World Bank Grants $200m towards Uzbek Rail Project

On the heels of another significant investment in Central Asian infrastructure, the World Bank doled out an additional $200m to assist Uzbekistan Railways in the construction of a railway line that will traverse Kamchik pass in eastern Uzbekistan. The Bank is working hand in glove with Uzbek authorities in order to develop better rail infrastructure throughout the country. The recently-signed agreement is still subject to approval by the World Bank Board of Directors, whose authorization is expected to come as early as January of 2015. The loan will account for barely more than a tenth of the nearly $1.7b railway, which will add additional transit options for travelers as tourism booms within Uzbekistan.

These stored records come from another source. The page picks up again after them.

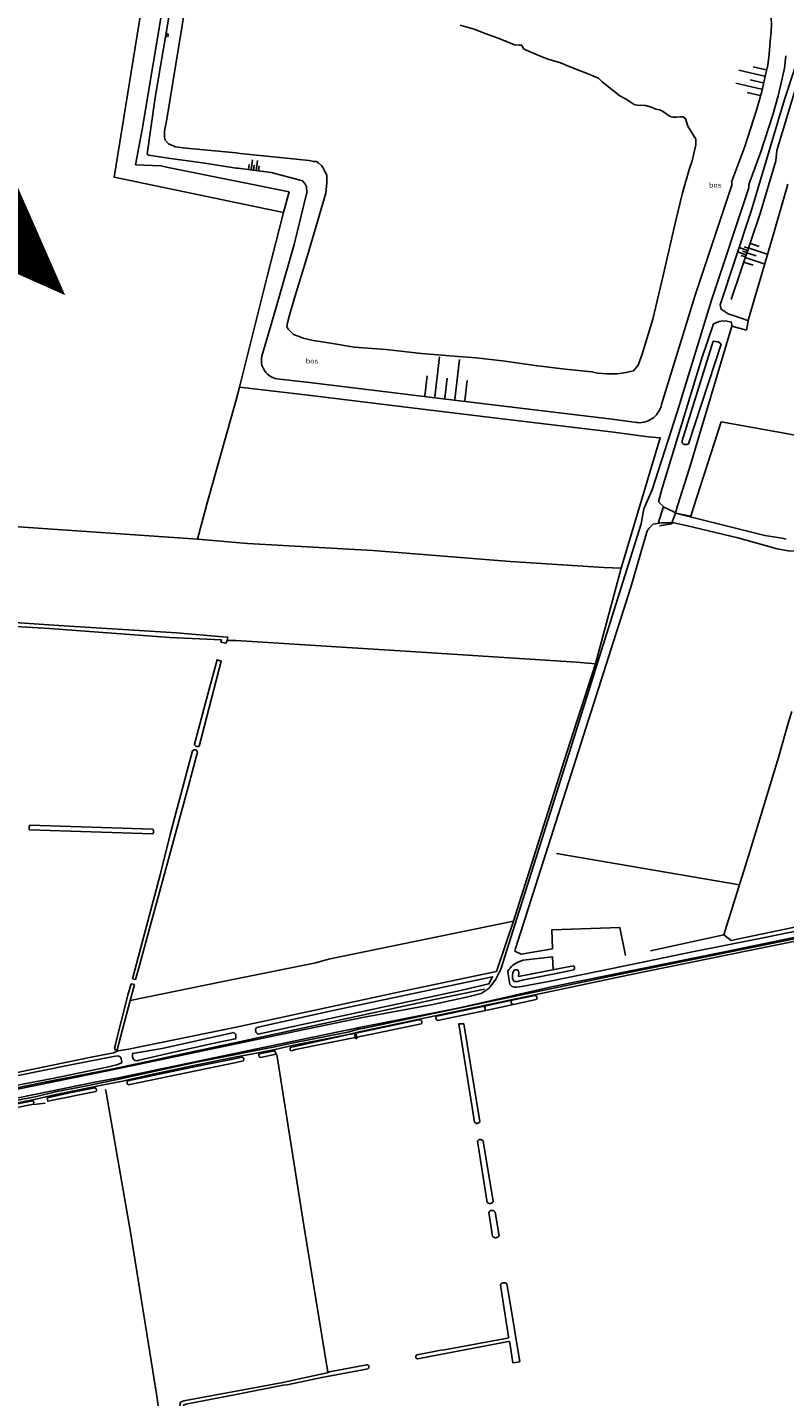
# Model space of a CAD drawing. Header units: metres. Extents: x 226218 to 240385, y 439369 to 449677.
# Tile 312 of 353: x 237901 to 238260, y 446120 to 446770. Entities that reach past the tile are written whole.
import ezdxf

# ---------------------------------------------------------------- set-up
doc = ezdxf.new("R2010")
doc.units = ezdxf.units.M
doc.header["$MEASUREMENT"] = 0
for name, color, linetype in [('CULTUURAANDUIDING', 253, 'Continuous'), ('Goud-ontwerp', 2, 'Continuous'), ('HEK', 253, 'Continuous'), ('INSTEEKSLOOT', 153, 'Continuous'), ('KANTVERH', 253, 'Continuous'), ('KANTWATER', 153, 'Continuous'), ('KUNSTWERK', 253, 'Continuous'), ('OVERIGEAFSCH', 253, 'Continuous'), ('OVLIJNOBJ', 253, 'Continuous'), ('RASTER', 253, 'Continuous'), ('TALUD', 253, 'Continuous')]:
    doc.layers.add(name, color=color, linetype=linetype)
doc.styles.get("Standard").update_dxf_attribs({"font": 'iso.shx'})

# ---------------------------------------------------------------- blocks, each defined once
blk = doc.blocks.new('TA', base_point=(75009.5, 300012))
for p, q in [((75009.5, 300012.5), (75010, 300012.5)), ((75009.5, 300012.25), (75010.5, 300012.25)), ((75009.5, 300012), (75010, 300012)), ((75009.5, 300011.75), (75010.5, 300011.75)), ((75009.5, 300011.5), (75010, 300011.5))]:
    blk.add_line(p, q)

msp = doc.modelspace()

# ---------------------------------------------------------------- linework, layer by layer
at = {"layer": 'Goud-ontwerp', "color": 10, "linetype": 'Continuous', "const_width": 20}
msp.add_lwpolyline([(237474.324, 446851.576), (237899.406, 446662.226), (237757.712, 446985.235), (237608.058, 446590.623)], dxfattribs=at)
at = {"layer": 'HEK'}
for p, q in [((237944.11, 446284.04), (237948.99, 446284.82)), ((237904.01, 446258.56), (237909.44, 446259.24))]:
    msp.add_line(p, q, dxfattribs=at)
for points in [[(238208.46, 446539.14), (238209.42, 446542.6), (238215.06, 446560.59), (238235.17, 446627.85), (238242.05, 446626.05), (238243.06, 446631.28), (238254.89, 446671.59), (238261.74, 446695.27)], [(238200.86, 446533.14), (238206.45, 446534.11), (238208.46, 446539.14), (238215.77, 446537.79), (238217, 446541.84), (238230.05, 446582.49), (238270.55, 446575.22)], [(238044.72, 446304.96), (238079.93, 446312.59), (238119.64, 446320.86), (238123.57, 446321.77)]]:
    msp.add_lwpolyline(points, dxfattribs=at)
at = {"layer": 'INSTEEKSLOOT'}
for p, q in [((238226.3, 446620.74), (238211.38, 446573.06)), ((238227.65, 446620.52), (238226.3, 446620.74)), ((237993.67, 446480.52), (237996.14, 446480.32)), ((237970.83, 446394.51), (237979.36, 446426.36)), ((237969.4, 446389.08), (237970.83, 446394.51)), ((237960.49, 446387), (237901.99, 446388.89)), ((237902.16, 446391.11), (237960.41, 446389.28)), ((237969.4, 446389.08), (237968.68, 446386.73)), ((237950.17, 446315.95), (237951.73, 446315.59)), ((237950.79, 446318.26), (237952.33, 446317.92)), ((238141.66, 446310.39), (238131.01, 446308.13)), ((238009.67, 446295.13), (238046, 446303.19)), ((238095.27, 446300.57), (238117.04, 446305.18)), ((238131.01, 446308.13), (238117.04, 446305.18)), ((238117.63, 446303.12), (238131.51, 446306.09)), ((238117.63, 446303.12), (238117.63, 446303.12)), ((238131.01, 446308.13), (238131.01, 446308.13)), ((238131.51, 446306.09), (238142.36, 446308.41)), ((238131.51, 446306.09), (238131.51, 446306.09)), ((238087.75, 446296.82), (238063.59, 446291.79)), ((238000, 446289.85), (237999.53, 446289.75)), ((238053.43, 446291.77), (238056.09, 446292.33)), ((238056.78, 446292.47), (238056.09, 446292.33)), ((238056.5, 446290.38), (238057.19, 446290.52)), ((238063.59, 446291.79), (238057.19, 446290.52)), ((238002.83, 446281.01), (238000, 446280.44)), ((238000, 446278.61), (238003.33, 446279.29)), ((238119.14, 446212.14), (238114.52, 446241.19)), ((238117.21, 446241.3), (238121.99, 446212.54)), ((238121.68, 446196.17), (238119.91, 446207.32)), ((238122.82, 446207.57), (238124.7, 446196.28)), ((238128.75, 446147.82), (238098.89, 446142.17)), ((238128.75, 446147.82), (238129.31, 446147.91)), ((238097.14, 446142.06), (238085.81, 446139.83)), ((238098.89, 446142.17), (238097.14, 446142.06)), ((238129.15, 446146.13), (238129.65, 446146.22)), ((238131.28, 446136.02), (238134.56, 446136.55)), ((238024.29, 446127.19), (238022.18, 446126.73)), ((238022.18, 446126.73), (238000, 446122.61)), ((238000, 446121.08), (238022.37, 446125.42)), ((238022.37, 446125.42), (238024.18, 446125.66))]:
    msp.add_line(p, q, dxfattribs=at)
for points in [[(238214.54, 446572.07), (238230.11, 446619.31), (238228.81, 446620.42), (238226.3, 446620.74)], [(238211.38, 446573.06), (238211.54, 446572.72), (238211.76, 446572.4), (238212.04, 446572.14), (238212.36, 446571.93), (238212.71, 446571.78), (238213.09, 446571.7), (238213.47, 446571.69), (238213.85, 446571.75), (238214.21, 446571.88), (238214.54, 446572.07)], [(237915.84, 446485.95), (237875.99, 446488.52), (237854.58, 446489.77), (237853.5, 446489.96), (237852.39, 446490.02), (237851.59, 446489.65), (237851.17, 446489.14), (237851.34, 446488.66), (237851.81, 446488.18), (237852.58, 446487.9), (237854.78, 446487.73), (237911.45, 446484.39)], [(237911.45, 446484.39), (237968.5, 446480.26), (237993.04, 446479.02), (237992.76, 446477.97), (237995.15, 446477.46), (237995.76, 446478.75), (237996.14, 446480.32)], [(237915.84, 446485.95), (237971.68, 446482.33), (237993.67, 446480.52)], [(237982.39, 446428.66), (237992.93, 446468.95), (237990.96, 446469.64), (237987.19, 446455.64), (237980.23, 446429.64)], [(237981.64, 446425.83), (237977.31, 446409.25), (237971.72, 446388.9)], [(237979.36, 446426.36), (237979.55, 446426.6), (237979.8, 446426.79), (237980.08, 446426.91), (237980.39, 446426.96), (237980.7, 446426.93), (237980.99, 446426.82), (237981.24, 446426.64), (237981.44, 446426.41), (237981.58, 446426.13), (237981.64, 446425.83)], [(237980.23, 446429.64), (237980.32, 446429.34), (237980.46, 446429.07), (237980.67, 446428.83), (237980.91, 446428.65), (237981.19, 446428.52), (237981.49, 446428.45), (237981.8, 446428.46), (237982.11, 446428.52), (237982.39, 446428.66)], [(237901.99, 446388.89), (237901.85, 446389.26), (237901.78, 446389.64), (237901.77, 446390.03), (237901.84, 446390.41), (237901.97, 446390.77), (237902.16, 446391.11)], [(237971.72, 446388.9), (237953.77, 446323.43), (237952.33, 446317.92)], [(237960.49, 446387), (237960.68, 446387.3), (237960.8, 446387.63), (237960.86, 446387.98), (237960.84, 446388.33), (237960.76, 446388.67), (237960.62, 446388.99), (237960.41, 446389.28)], [(237950.79, 446318.26), (237963.89, 446367.63), (237968.68, 446386.73)], [(238160.26, 446322.53), (238153.46, 446321.1), (238135.68, 446317.62), (238133.47, 446317.01), (238131.91, 446317.04), (238131.1, 446318.26), (238131.05, 446319.54), (238131.25, 446321.27), (238132.1, 446322.48), (238133.24, 446322.49), (238133.93, 446322.09), (238134.07, 446321.1), (238134.02, 446319.38), (238159.83, 446324.4)], [(238159.83, 446324.4), (238160.08, 446324.27), (238160.3, 446324.08), (238160.45, 446323.84), (238160.55, 446323.58), (238160.58, 446323.3), (238160.54, 446323.02), (238160.43, 446322.76), (238160.26, 446322.53)], [(237951.73, 446315.59), (237949.73, 446307.93), (237943.63, 446284.56), (237942.71, 446284.43), (237942.34, 446285.36), (237942.57, 446286.32), (237942.83, 446287.47), (237948.7, 446310.43), (237950.17, 446315.95)], [(238046, 446303.19), (238104.97, 446315.74), (238121.66, 446319.21), (238119.88, 446315.83), (238107.01, 446312.81), (238071.05, 446305.12), (238050.43, 446300.67)], [(238141.66, 446310.39), (238141.95, 446310.33), (238142.22, 446310.2), (238142.44, 446310.01), (238142.61, 446309.76), (238142.7, 446309.48), (238142.73, 446309.19), (238142.67, 446308.9), (238142.55, 446308.63), (238142.36, 446308.41)], [(238117.63, 446303.12), (238103.1, 446300.02), (238095.72, 446298.48)], [(238117.04, 446305.18), (238117.3, 446305.16), (238117.56, 446305.08), (238117.79, 446304.94), (238117.98, 446304.75), (238118.11, 446304.52), (238118.19, 446304.26), (238118.2, 446303.99), (238118.14, 446303.72), (238118.02, 446303.48), (238117.85, 446303.28), (238117.63, 446303.12)], [(238131.51, 446306.09), (238131.24, 446306.15), (238130.99, 446306.27), (238130.78, 446306.45), (238130.63, 446306.68), (238130.53, 446306.93), (238130.5, 446307.21), (238130.53, 446307.48), (238130.64, 446307.73), (238130.8, 446307.96), (238131.01, 446308.13)], [(238010.42, 446292.05), (238027.11, 446295.58), (238050.43, 446300.67)], [(238056.78, 446292.47), (238085.9, 446298.59), (238087.09, 446298.84)], [(238087.09, 446298.84), (238087.36, 446298.8), (238087.62, 446298.69), (238087.83, 446298.52), (238088.01, 446298.31), (238088.12, 446298.06), (238088.18, 446297.79), (238088.16, 446297.52), (238088.08, 446297.26), (238087.94, 446297.02), (238087.75, 446296.82)], [(238095.72, 446298.48), (238095.46, 446298.56), (238095.22, 446298.7), (238095.02, 446298.89), (238094.88, 446299.12), (238094.79, 446299.38), (238094.77, 446299.65), (238094.81, 446299.92), (238094.91, 446300.17), (238095.07, 446300.39), (238095.27, 446300.57)], [(238115.66, 446250.61), (238107.95, 446296.96), (238105.65, 446296.86), (238113.09, 446250.16)], [(237998.84, 446292.73), (237964.96, 446285.22), (237950.87, 446282.74), (237950.83, 446281.31), (237951.21, 446280.29), (237951.67, 446279.68), (237952.23, 446279.47), (237953.05, 446279.38), (237953.39, 446279.52), (237969.64, 446283.27), (237990.36, 446287.81), (237999.53, 446289.75)], [(237999.53, 446289.75), (237999.71, 446290.08), (237999.84, 446290.44), (237999.89, 446290.82), (237999.87, 446291.2), (237999.79, 446291.57), (237999.64, 446291.92), (237999.42, 446292.24), (237999.15, 446292.51), (237998.84, 446292.73)], [(238010.42, 446292.05), (238010.1, 446292.22), (238009.81, 446292.45), (238009.57, 446292.73), (238009.39, 446293.05), (238009.27, 446293.4), (238009.22, 446293.76), (238009.23, 446294.13), (238009.31, 446294.49), (238009.46, 446294.83), (238009.67, 446295.13)], [(238056.5, 446290.38), (238043.8, 446287.86), (238028.09, 446284.72), (238026.8, 446284.25), (238025.9, 446284.16), (238025.59, 446284.7), (238025.64, 446285.62), (238053.43, 446291.77)], [(238011.56, 446280.98), (238018.93, 446282.49), (238018.42, 446284.14), (238010.96, 446282.64)], [(237720.32, 446232.56), (237723.24, 446232.48), (237731.08, 446233.96), (237782.94, 446244.76), (237816.15, 446251.61), (237854.86, 446259.44), (237886.16, 446265.88), (237912.86, 446270.96), (237938.79, 446276.4), (237943.92, 446277.53), (237945.56, 446278.35), (237945.59, 446278.45), (237945.74, 446278.81)], [(237945.74, 446278.81), (237945.61, 446279.56), (237945.4, 446280.48), (237944.98, 446281.17), (237943.96, 446281.67), (237941.87, 446281.36), (237921.64, 446277.48), (237895.88, 446272.17)], [(238000, 446280.44), (237978.68, 446276.16), (237948.66, 446269.84)], [(237948.86, 446267.91), (237986.19, 446275.78), (238000, 446278.61)], [(238002.83, 446281.01), (238003.08, 446280.95), (238003.3, 446280.83), (238003.48, 446280.65), (238003.61, 446280.44), (238003.68, 446280.19), (238003.68, 446279.94), (238003.62, 446279.7), (238003.51, 446279.48), (238003.33, 446279.29)], [(238011.56, 446280.98), (238011.29, 446281.1), (238011.07, 446281.29), (238010.9, 446281.53), (238010.8, 446281.8), (238010.78, 446282.09), (238010.83, 446282.38), (238010.96, 446282.64)], [(237948.86, 446267.91), (237948.63, 446268.07), (237948.43, 446268.28), (237948.3, 446268.54), (237948.24, 446268.82), (237948.24, 446269.1), (237948.32, 446269.38), (237948.46, 446269.63), (237948.66, 446269.84)], [(237933.39, 446264.82), (237910.6, 446260.18), (237910.41, 446261.78), (237922.51, 446264.49), (237933.12, 446266.48)], [(237933.12, 446266.48), (237933.35, 446266.36), (237933.53, 446266.19), (237933.67, 446265.97), (237933.74, 446265.73), (237933.75, 446265.47), (237933.69, 446265.23), (237933.57, 446265), (237933.39, 446264.82)], [(237904.09, 446259.71), (237903.59, 446260.42), (237888.17, 446257.41), (237879.97, 446255.6), (237872.19, 446253.94), (237848.9, 446248.98), (237804.2, 446239.45), (237803.63, 446238.9), (237803.96, 446237.95), (237818.24, 446240.81), (237848.77, 446247.18), (237867.23, 446250.95), (237878.38, 446253.21), (237881.14, 446254.43), (237883.11, 446254.56), (237884.8, 446254.81), (237886.29, 446255.25), (237895.3, 446257.04), (237903.88, 446258.77), (237904.09, 446259.71)], [(238113.09, 446250.16), (238113.35, 446249.93), (238113.65, 446249.77), (238113.98, 446249.67), (238114.33, 446249.65), (238114.67, 446249.71), (238114.98, 446249.85), (238115.26, 446250.05), (238115.49, 446250.3), (238115.66, 446250.61)], [(238114.52, 446241.19), (238114.7, 446241.45), (238114.94, 446241.67), (238115.21, 446241.84), (238115.51, 446241.94), (238115.83, 446241.99), (238116.15, 446241.97), (238116.46, 446241.89), (238116.75, 446241.74), (238117, 446241.54), (238117.21, 446241.3)], [(238119.14, 446212.14), (238119.43, 446211.9), (238119.76, 446211.73), (238120.11, 446211.63), (238120.48, 446211.61), (238120.85, 446211.66), (238121.2, 446211.78), (238121.51, 446211.98), (238121.78, 446212.23), (238121.99, 446212.54)], [(238119.91, 446207.32), (238120.05, 446207.63), (238120.25, 446207.89), (238120.5, 446208.11), (238120.8, 446208.27), (238121.12, 446208.37), (238121.45, 446208.4), (238121.78, 446208.36), (238122.1, 446208.25), (238122.38, 446208.07), (238122.63, 446207.85), (238122.82, 446207.57)], [(238121.68, 446196.17), (238121.92, 446195.9), (238122.2, 446195.68), (238122.52, 446195.53), (238122.86, 446195.43), (238123.22, 446195.41), (238123.57, 446195.46), (238123.91, 446195.58), (238124.22, 446195.76), (238124.48, 446196), (238124.7, 446196.28)], [(238125.37, 446173.02), (238125.6, 446173.34), (238125.89, 446173.62), (238126.23, 446173.83), (238126.61, 446173.97), (238127, 446174.04), (238127.4, 446174.03), (238127.79, 446173.94), (238128.15, 446173.78), (238128.48, 446173.54)], [(238129.31, 446147.91), (238129.2, 446148.44), (238125.53, 446172.02), (238125.37, 446173.02)], [(238128.48, 446173.54), (238129.68, 446166.33), (238134.56, 446136.55)], [(238086.2, 446137.89), (238092.64, 446139.17), (238129.15, 446146.13)], [(238131.28, 446136.02), (238129.79, 446145.52), (238129.65, 446146.22)], [(238024.29, 446127.19), (238043.12, 446131.32), (238044.11, 446131.71), (238062.06, 446135.18)], [(238062.06, 446135.18), (238062.33, 446135.09), (238062.58, 446134.93), (238062.76, 446134.71), (238062.89, 446134.44), (238062.94, 446134.16), (238062.91, 446133.87), (238062.81, 446133.59), (238062.64, 446133.36), (238062.41, 446133.17)], [(238086.2, 446137.89), (238085.92, 446137.93), (238085.67, 446138.04), (238085.46, 446138.22), (238085.3, 446138.44), (238085.21, 446138.7), (238085.2, 446138.97), (238085.25, 446139.24), (238085.38, 446139.49), (238085.57, 446139.68), (238085.81, 446139.83)], [(238062.41, 446133.17), (238060.17, 446132.73), (238040.63, 446129.1), (238024.18, 446125.66)], [(237986.53, 446033.88), (237980.88, 446069.2), (237974.22, 446110.68), (237973.31, 446115.34), (237973.38, 446116.51), (237973.51, 446117.01), (237973.65, 446117.44), (237975.17, 446117.98), (237993.09, 446121.33), (238000, 446122.61)], [(237987.18, 446039.81), (237977.47, 446099.55), (237975, 446113.76), (237975.04, 446114.88), (237975.09, 446116.01), (237976.15, 446116.44), (237980.98, 446117.39), (238000, 446121.08)]]:
    msp.add_lwpolyline(points, dxfattribs=at)
at = {"layer": 'KANTVERH'}
for p, q in [((238200.16, 446534.28), (238202.71, 446542.27)), ((238128.89, 446321.89), (238129.22, 446319.55)), ((238129.22, 446319.55), (238129.9, 446315.76)), ((238060.67, 446295.59), (238060.96, 446295.65)), ((238060.67, 446295.59), (238060.87, 446294.9))]:
    msp.add_line(p, q, dxfattribs=at)
for points in [[(238294.75, 446776.64), (238283.02, 446778.84), (238276.31, 446779.02), (238273.5, 446777.46), (238271.81, 446775.97), (238270.71, 446774.04), (238270.09, 446772.31), (238269.51, 446770.62), (238268.22, 446764.14), (238266.9, 446757.79), (238265.6, 446752.24), (238260.1, 446735.41), (238244.29, 446682.49), (238229.65, 446638.1), (238230.05, 446635.91), (238233.39, 446633.79), (238240.53, 446631.43), (238243.05, 446630.38)], [(238260.83, 446756.12), (238260.06, 446750.39), (238258.99, 446745.45), (238257.12, 446737.2), (238254.52, 446728.15), (238248.94, 446710.56), (238243.18, 446695.18), (238243.17, 446693.56), (238225.43, 446640.19), (238209.21, 446587.1), (238197.41, 446550.31), (238196.73, 446548.88), (238193.34, 446541.2), (238192.14, 446534.05), (238158.56, 446427.3)], [(238260.93, 446526.92), (238259.03, 446527.32), (238250.79, 446528.6), (238226.71, 446534.55), (238208.46, 446539.14), (238207.25, 446539.99), (238203.15, 446541.85), (238200.45, 446544.44), (238200.51, 446545.18), (238202.1, 446551.05), (238220.98, 446612.74), (238226.53, 446628.97), (238229.11, 446630.07), (238230.88, 446630.51), (238232.75, 446630.23), (238234.14, 446630.03), (238235.01, 446629.77), (238235.17, 446627.85)], [(238275.07, 446547.59), (238269.98, 446526.87), (238269.37, 446524.82), (238268.52, 446523.46), (238267.68, 446522.61), (238266.57, 446521.78), (238265.48, 446521.21), (238261.96, 446521.3), (238256.67, 446522.19), (238238.01, 446527.55), (238213.43, 446533.33), (238207.65, 446534.52), (238201.86, 446534.55), (238197.82, 446533.91), (238195.94, 446532.13), (238194.99, 446530.83), (238187.19, 446504.15), (238173.17, 446459.89), (238132.48, 446332.67), (238132.15, 446331.34)], [(238060.87, 446294.9), (238127.19, 446308.85), (238185.56, 446321.15), (238243.09, 446332.79), (238331.36, 446350.67), (238417.06, 446368.09), (238432.83, 446371.77), (238484.46, 446382.15), (238532.17, 446392.06), (238541.19, 446393.91), (238554.98, 446396.74), (238611.7, 446407.89), (238616.95, 446408.98), (238637.07, 446412.76), (238660.02, 446418.24), (238695.69, 446426.66), (238734.46, 446435.73), (238753.92, 446440.4), (238759.65, 446441.77), (238805.82, 446452.97), (238833.23, 446459.67), (238862.33, 446466.57), (238886.29, 446472.31), (238960.17, 446489.86)], [(238158.56, 446427.3), (238125.55, 446322.86), (238123.18, 446318.07), (238120.1, 446313.89), (238116.17, 446311.31), (238109.29, 446309.55), (238092.48, 446305.97), (238060.02, 446299.82)], [(238129.9, 446315.76), (238130.92, 446314.67), (238131.98, 446314.24), (238133.22, 446314.25), (238134.5, 446314.41), (238136.39, 446314.7), (238148.13, 446316.99), (238178.38, 446323.12), (238215.76, 446330.86), (238250.76, 446337.89), (238334.49, 446355.16), (238383.09, 446365.61)], [(238000.12, 446281.18), (238006.3, 446282.41), (238018.53, 446284.76), (238026.63, 446286.61), (238053.27, 446291.81), (238058.33, 446293.14), (238127.43, 446307.68), (238185.81, 446319.98), (238243.33, 446331.62), (238331.6, 446349.5)], [(238060.96, 446295.65), (238105.13, 446304.29), (238121.23, 446308.02), (238149.66, 446314.37), (238187.89, 446322.21), (238230.94, 446330.88), (238331.99, 446351.84)], [(238132.15, 446331.34), (238135.28, 446330.02), (238150.02, 446332.4), (238149.72, 446341.47), (238182.05, 446342.57), (238184.74, 446329.24)], [(238150.35, 446322.55), (238150.15, 446328.66), (238136.22, 446327.04)], [(238136.22, 446327.04), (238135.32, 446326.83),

Chinese Railway Tunnel Group will contribute an additional $455m to the project, which will connect the Fergana Valley with the rest of Uzbekistan.

Uzbekistan has already invested heavily in its railway infrastructure, using the increase in spending on infrastructure to increase its tourism industry. Uzbekistan’s bullet train, the Afrosiyob, is currently the only extant bullet train in Central Asia, and connects the country’s capital, Tashkent, with the ancient city of Samarkand, which sat on the Silk Road, and which is the country’s primary draw in terms of tourist traffic. In a paradoxical set of policies, the Uzbek government has set out to increase its status as a destination for international guests while reducing the amount of freedoms its own citizens enjoy. Already strict internet security laws have been tightened, human rights abuses and government corruption are widespread, and the country is rumored to be going through an internal power struggle.

Direct investment from organizations such as the World Bank reflects Uzbekistan’s geographically crucial status, as it straddles the line between East and West. While once a Soviet republic, Uzbekistan has in the last several years served as a key ally of the United States and provider of supply routes that ended in Afghanistan. A recent cancellation of all Russian-dominated money transfer services coincided with the World Bank’s rail infrastructure grant, suggesting a possible quid pro quo.